Eventually, they dredged up Bunny, who was just about the opposite of busy, so early in the fall, and convinced him to come along on the trip. Sandy and Tooth begged off, because unlike the other three, they couldn't afford to take a night off so easily. Bunny was... Jack got the feeling that Bunny still hated him. If it weren't for that animosity, Jack might have gone to ask Bunny about the other ice spirits, but... Even now, the giant rabbit watched him with a lack of trust that _hurt_. "Yo, mate, I don't think anybody's home," Bunny said, nose wiggling as he sought the scents in the air. He sneezed, hard. "It's nothin' but a dust trap now, I figure. And while the magic may be gone, I still don't like the feel of this place. Can we be done yet?" 

"Hey, check this out," commented Jack, hovering over what looked a little like the torn remnants Pitch Black's robes. A black, viscous liquid oozed out from beneath them, and Jack lifted them with the end of his crook, not wanting to touch them with his bare hands. The liquid dripped slowly from the cloth, and the frost wight pulled a face at it. In the gooey mess left on the floor, something that looked almost like human bones remained. "Eyew," he said, pointing the robes at Bunny. "I think I found Pitch Black." 

The look on the rabbit's face was priceless. So was the way he gagged. "Aw, man, put that down! You don't know where it's been!" 

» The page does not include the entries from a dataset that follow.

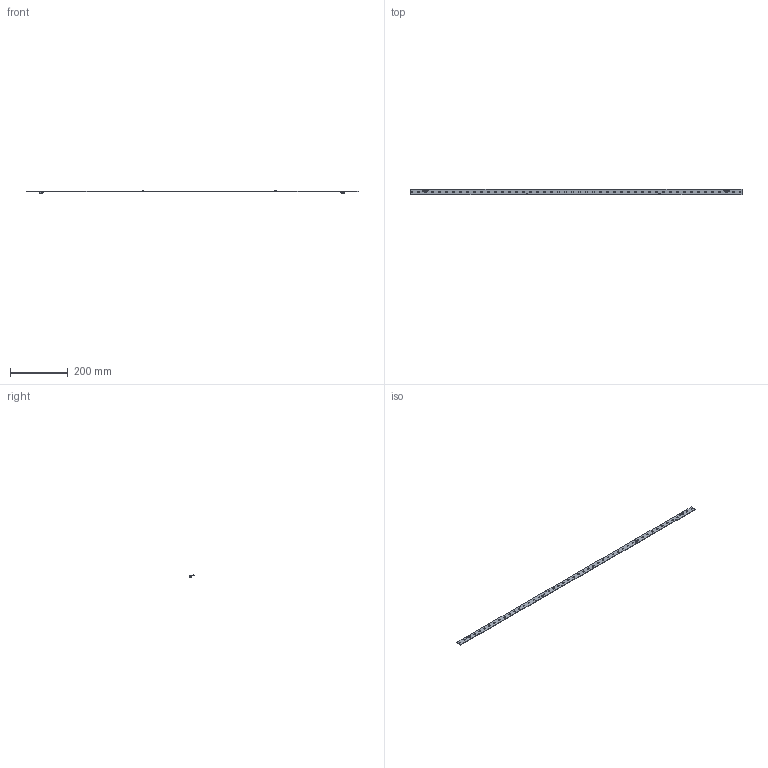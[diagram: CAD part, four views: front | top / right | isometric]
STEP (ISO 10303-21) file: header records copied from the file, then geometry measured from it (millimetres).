
FILE_DESCRIPTION(/* description */ (''),/* implementation_level */ '2;1');
FILE_NAME(/* name */ '4FT_2600lm_HV_BC_20161118.stp',/* time_stamp */ '2016-11-18T14:52:49+08:00',/* author */ (''),/* organization */ (''),/* preprocessor_version */ 'ST-DEVELOPER v11',/* originating_system */ 'SIEMENS PLM Software NX 7.5',/* authorisation */ '');
FILE_SCHEMA (('AUTOMOTIVE_DESIGN { 1 0 10303 214 1 1 1 1 }'));
Products named in the file (1): 310085E4tmet
Bounding box: 1150 x 20 x 9.12 mm (x, y, z)
Volume: 37328 mm3; surface area: 52966.5 mm2
Topology: 53 solids, 53 shells, 2608 faces, 7221 edges, 4783 vertices
Faces by surface type: plane 2008, cylinder 552, bspline 28, sphere 16, cone 4
Full cylindrical faces by diameter (mm): 0.6 x4
Entity records: 88769 total; most frequent: CARTESIAN_POINT 16984, ORIENTED_EDGE 14400, DIRECTION 13372, EDGE_CURVE 7200, LINE 6016, VECTOR 6016, VERTEX_POINT 4782, AXIS2_PLACEMENT_3D 3678

"Down here, melting?" Jack guessed, but dislodged the gooey robes from the end of his staff anyway. It was pretty gross, and he didn't want to become infected somehow. The excursion left them confused, and in North's case, troubled. Jack put it from his mind, mostly because, if North's worries were founded, the rest of the guardians were sure to find out. Anything that could harm the children was their enemy, he supposed, and while he thought on a smaller scale than the others, he did recognize that things had a tendency, if ignored, to escalate from small to large scale. He wondered what that meant, that they were ignoring what had happened to the other ice spirits?


	3. Chapter Two: Snow

**Summary for the Chapter:**

> In which global warming is a thing, and Jack does North a favor.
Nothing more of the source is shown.